Detecting keystroke using WiFi signals

Discussion in 'Computer Science & Culture' started by Plazma Inferno!, Aug 25, 2016.

  1. Plazma Inferno! Ding Ding Ding Ding Administrator

    Messages:
    4,609
    You don't need malware to detect keystroke.
    International team of researchers show for the first time that ripples in WiFi signals can be exploited to recognize keystrokes. They started with the intuition that while typing a certain key, the hands and fingers of a user move in a unique formation and direction and thus generate a unique pattern in the time-series of Channel State Information (CSI) values, which we call CSI-waveform for that key.
    In their paper, the team proposes a WiFi signal based keystroke recognition system called WiKey.

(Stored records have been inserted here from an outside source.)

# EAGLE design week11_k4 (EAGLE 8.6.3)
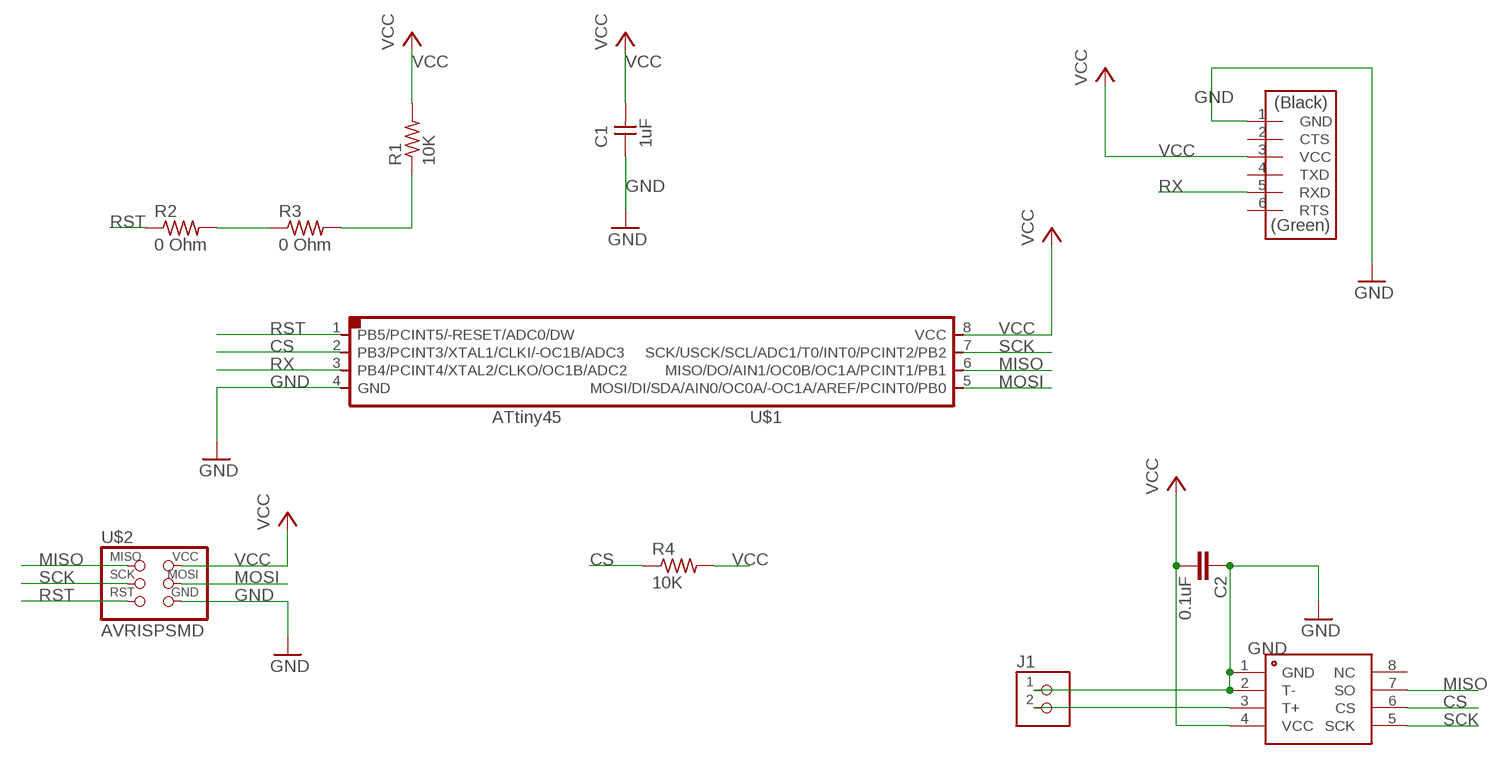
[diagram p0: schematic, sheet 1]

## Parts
C1  1uF  CAP-UNPOLARIZEDFAB  [C1206FAB]
C2  0.1uF  C-EUC0805K  [C0805K]
J1  TERM-1X02-ADAFRUIT  [3.5MMTERM]
MAX6675  MAX6675  [SO08]
R1  10K  RES-US1206FAB  [R1206FAB]
R2  0 Ohm  RES-US1206FAB  [R1206FAB]
R3  0 Ohm  RES-US1206FAB  [R1206FAB]
R4  10K  RES-US1206FAB  [R1206FAB]
U$1  ATTINY45SI  [SOIC8]
U$2  AVRISPSMD  [2X03SMD]
U$3  FTDI-SMD-HEADER  [1X06SMD]

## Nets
CS: MAX6675.6(CS) R4.1 U$1.2(PB3/PCINT3/XTAL1/CLKI/-OC1B/ADC3)
GND: C1.1 C2.1 J1.1 MAX6675.1(GND) MAX6675.2(T-) U$1.4(GND) U$2.6(GND) U$3.1(GND)
MISO: MAX6675.7(SO) U$1.6(MISO/DO/AIN1/OC0B/OC1A/PCINT1/PB1) U$2.1(MISO)
MOSI: U$1.5(MOSI/DI/SDA/AIN0/OC0A/-OC1A/AREF/PCINT0/PB0) U$2.4(MOSI)
N$1: J1.2 MAX6675.3(T+)
RST: R1.1 R2.1 R2.2 R3.1 R3.2 U$1.1(PB5/PCINT5/-RESET/ADC0/DW) U$2.5(RST)
RX: U$1.3(PB4/PCINT4/XTAL2/CLKO/OC1B/ADC2) U$3.5(RXD)
SCK: MAX6675.5(SCK) U$1.7(SCK/USCK/SCL/ADC1/T0/INT0/PCINT2/PB2) U$2.3(SCK)
VCC: C1.2 C2.2 MAX6675.4(VCC) R1.2 R4.2 U$1.8(VCC) U$2.2(VCC) U$3.3(VCC)
Unconnected: MAX6675.8(NC) U$3.2(CTS) U$3.4(TXD) U$3.6(RTS)

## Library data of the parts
C1 = fab:CAP-UNPOLARIZED
C2 = resistor:C-EU: CAPACITOR, European symbol
J1 = fab:TERM-1X02: 3.5mm terminal block, 2 positions ED555-2DS as found in the fablab inventory.
MAX6675 = maxim:MAX6675
R1-R4 = fab:RES-US: Resistor (US Symbol)
U$1 = fab:ATTINY45
U$2 = fab:AVRISP
U$3 = fab:FTDI-SMD-HEADER

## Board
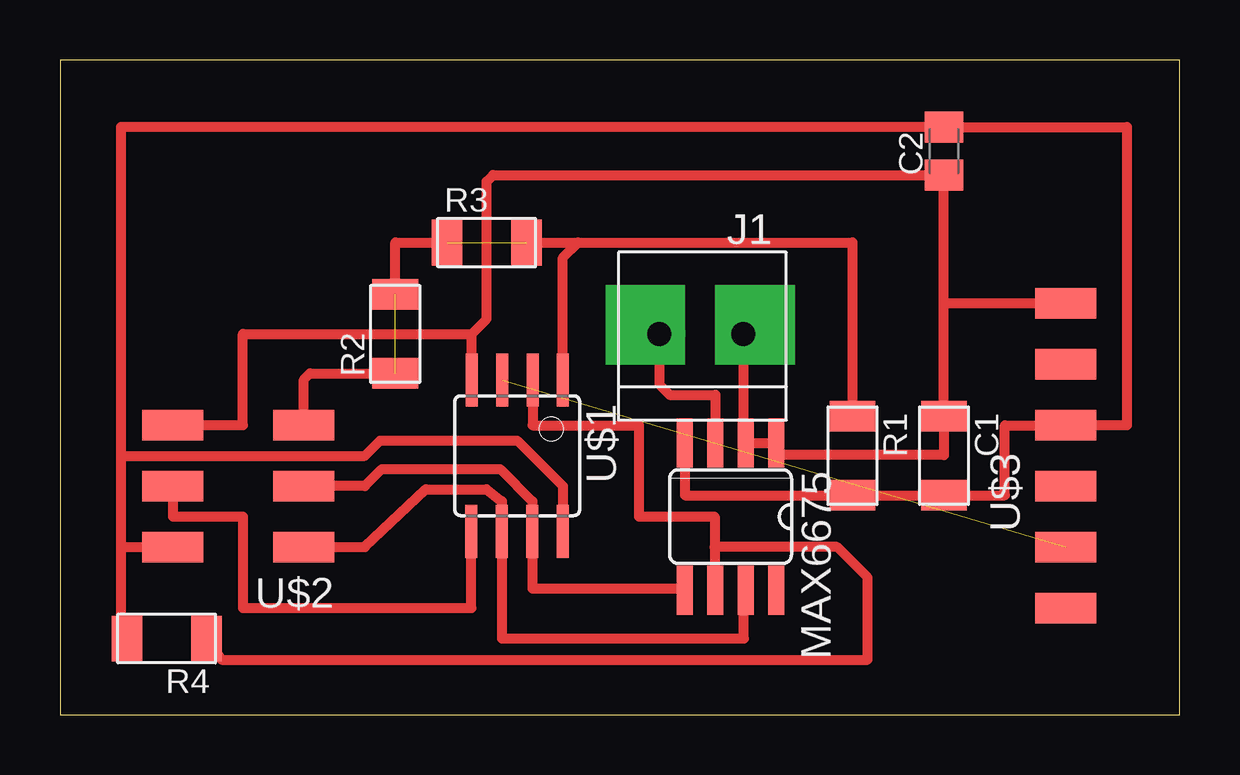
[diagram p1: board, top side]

Size 46.66 x 27.3 mm. Coordinates in mm from the lower left corner, seen from the top.
Outline: 0,0 46.66,0 46.66,27.3 0,27.3 0,0
Copper layers (1*16): Top 0.035mm / dielectric 1.5mm / Bottom 0.035mm
Design rules "default *": minimum track width 6mil, minimum drill 0.35mm, track to track 0.04mm, track to pad 0.04mm, pad to pad 0.04mm, via to via 0.04mm, smd to smd 0.04mm, copper to edge 40mil, drill to drill 6mil, minimum pad ring 10mil, minimum via ring 8mil, stop-mask expansion 4mil, vias tented up to drill 0mil, thermal gap 10mil

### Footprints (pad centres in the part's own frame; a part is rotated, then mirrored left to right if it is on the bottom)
C1206FAB = smd 1.27 x 1.905: 1 -1.651,0; 2 1.651,0
C0805K = smd 1.3 x 1.6: 1 -1,0; 2 1,0
3.5MMTERM = drill 1 pad 2.184: 1 1.8,0; 2 -1.7,0
SO08 = smd 0.66 x 2.032: 1 -1.905,-3.073; 2 -0.635,-3.073; 3 0.635,-3.073; 4 1.905,-3.073; 5 1.905,3.073; 6 0.635,3.073; 7 -0.635,3.073; 8 -1.905,3.073
R1206FAB = smd 1.27 x 1.905: 1 -1.651,0; 2 1.651,0
SOIC8 = smd 0.5 x 2.2: 1 -1.905,-3.154; 2 -0.645,-3.154; 3 0.625,-3.154; 4 1.895,-3.154; 5 1.905,3.154; 6 0.635,3.154; 7 -0.635,3.154; 8 -1.905,3.154
2X03SMD = smd 2.54 x 1.27: 1 -2.54,2.54; 2 2.92,2.54; 3 -2.54,0; 4 2.92,0; 5 -2.54,-2.54; 6 2.92,-2.54
1X06SMD = smd 2.54 x 1.27: 1 0,6.35; 2 0,3.81; 3 0,1.27; 4 0,-1.27; 5 0,-3.81; 6 0,-6.35

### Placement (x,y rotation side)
C1  36.83,10.79 270 top
C2  36.83,23.5 90 top
J1  26.67,15.88 0 top
MAX6675  27.94,8.26 180 top
R1  33.02,10.79 270 top
R2  13.97,15.88 90 top
R3  17.78,19.68 0 top
R4  4.45,3.17 180 top
U$1  19.05,10.79 180 top
U$2  7.62,9.53 180 top
U$3  41.91,10.79 0 top

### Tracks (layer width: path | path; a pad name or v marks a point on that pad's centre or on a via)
CS
  Top 0.152: 27.28,5.87 27.28,5.71 27.28,5.26 MAX6675.6 | 19.81,13.34 19.81,13.95 U$1.2
  Top 0.406: U$1.2 19.7,12.06 24.13,12.06 24.13,8.26 27.28,8.26 27.28,6.99 | 27.28,6.99 27.28,5.71 | R4.1 6.73,2.29 33.66,2.29 33.66,5.71 32.38,6.99 27.28,6.99
GND
  Top 0.152: 28.65,11.35 MAX6675.2 | 29.72,11.35 MAX6675.1 29.87,11.35 | 37.34,12.57 36.88,12.57 C1.1 36.74,12.42 36.73,12.42 | 4.72,12.12 U$2.6 | 17.07,13.95 U$1.4
  Top 0.406: 36.74,12.42 36.83,12.42 36.83,10.82 29.72,10.82 29.72,11.35 | C1.1 36.83,17.14 | U$1.4 17.16,15.88 | 4.72,12.12 4.72,12.06 7.62,12.06 7.62,15.88 17.16,15.88 | MAX6675.1 MAX6675.2 28.47,11.43 J1.1 | 17.16,15.88 17.78,16.5 17.78,22.23 18.05,22.5 C2.1 36.83,17.14 | U$3.1 36.83,17.14
MISO
  Top 0.152: 28.5,4.65 28.5,5.11 MAX6675.7 | 18.44,7.09 18.44,7.54 U$1.6 | 10.21,7.09 U$2.1
  Top 0.406: 28.5,4.65 28.5,3.17 18.41,3.17 U$1.6 18.41,8.89 17.78,9.4 15.24,9.4 12.7,6.99 U$2.1
MOSI
  Top 0.406: U$2.4 4.7,8.26 7.62,8.26 7.62,4.45 17.14,4.45 U$1.5
N$1
  Top 0.406: J1.2 24.97,13.77 25.4,13.34 27.3,13.34 MAX6675.3
N$2  (via drill 0 pad 3.3)
  other vias: 24.38,16.26
N$3  (via drill 0 pad 3.3)
  other vias: 28.96,16.26
RST  (2 unrouted)
  Top 0.152: 21.03,13.95 U$1.1
  Top 0.406: R2.2 13.97,19.68 R3.1 | R3.2 21.59,19.68 | 21.59,19.68 33.02,19.68 R1.1 | U$1.1 20.95,19.05 21.59,19.68 | U$2.5 10.16,13.97 10.41,14.22 R2.1
RX  (1 unrouted)
SCK
  Top 0.152: 19.81,7.09 19.81,7.54 U$1.7 | 25.91,5.26 MAX6675.5
  Top 0.406: U$2.3 12.7,9.53 13.41,10.24 18.34,10.24 19.68,8.89 U$1.7 19.68,5.26 25.91,5.26
VCC
  Top 0.152: 33.07,9.22 R1.2 32.92,9.22 | 36.73,9.22 C1.2 36.88,9.22 | 26.06,10.9 26.06,11.2 MAX6675.4 | 41.91,12.12 U$3.3 41.91,11.96
  Top 0.406: MAX6675.4 26.04,9.14 R1.2 36.88,9.14 36.88,9.22 | C1.2 39.37,9.14 39.37,12.06 U$3.3 44.45,12.06 44.45,24.5 C2.2 2.54,24.5 2.54,10.79 | 2.54,10.79 2.54,6.99 | 2.54,6.99 U$2.2 | 2.54,10.79 12.7,10.79 13.34,11.43 19.05,11.43 20.95,9.53 U$1.8 | 2.54,6.99 2.54,3.43 R4.2
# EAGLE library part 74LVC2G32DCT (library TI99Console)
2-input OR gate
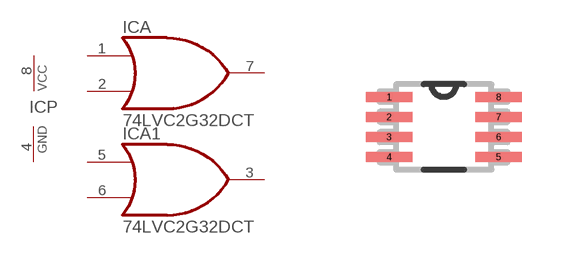
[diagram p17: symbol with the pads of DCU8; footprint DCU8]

Designator prefix IC; gates A=7432 P=PWRN A1=7432

## 74LVC2G32DCT  [DCU8]
1  A:I0  in
2  A:I1  in
3  A1:O  out
4  P:GND  pwr
5  A1:I0  in
6  A1:I1  in
7  A:O  out
8  P:VCC  pwr

## Footprint DCU8 (pad centres in mm)
smd 1.168 x 0.254: 1 -1.372,0.75; 2 -1.372,0.25; 3 -1.372,-0.25; 4 -1.372,-0.75; 5 1.372,-0.75; 6 1.372,-0.25; 7 1.372,0.25; 8 1.372,0.75

WiKey consists of two Commercial Off-The-Shelf (COTS) WiFi devices, a sender (such as a router) and a receiver (such as a laptop). The sender continuously emits signals and the receiver continuously receives signals. When a human subject types on a keyboard, WiKey recognizes the typed keys based on how the CSI values at the WiFi signal receiver end.
    WiKey achieves more than 97.5% detection rate for detecting the keystroke and 96.4% recognition accuracy for classifying single keys. In real-world experiments, WiKey can recognize keystrokes in a continuously typed sentence with an accuracy of 93.5%.

    https://www.sigmobile.org/mobicom/2015/papers/p90-aliA.pdf

    Well, this is unsettling.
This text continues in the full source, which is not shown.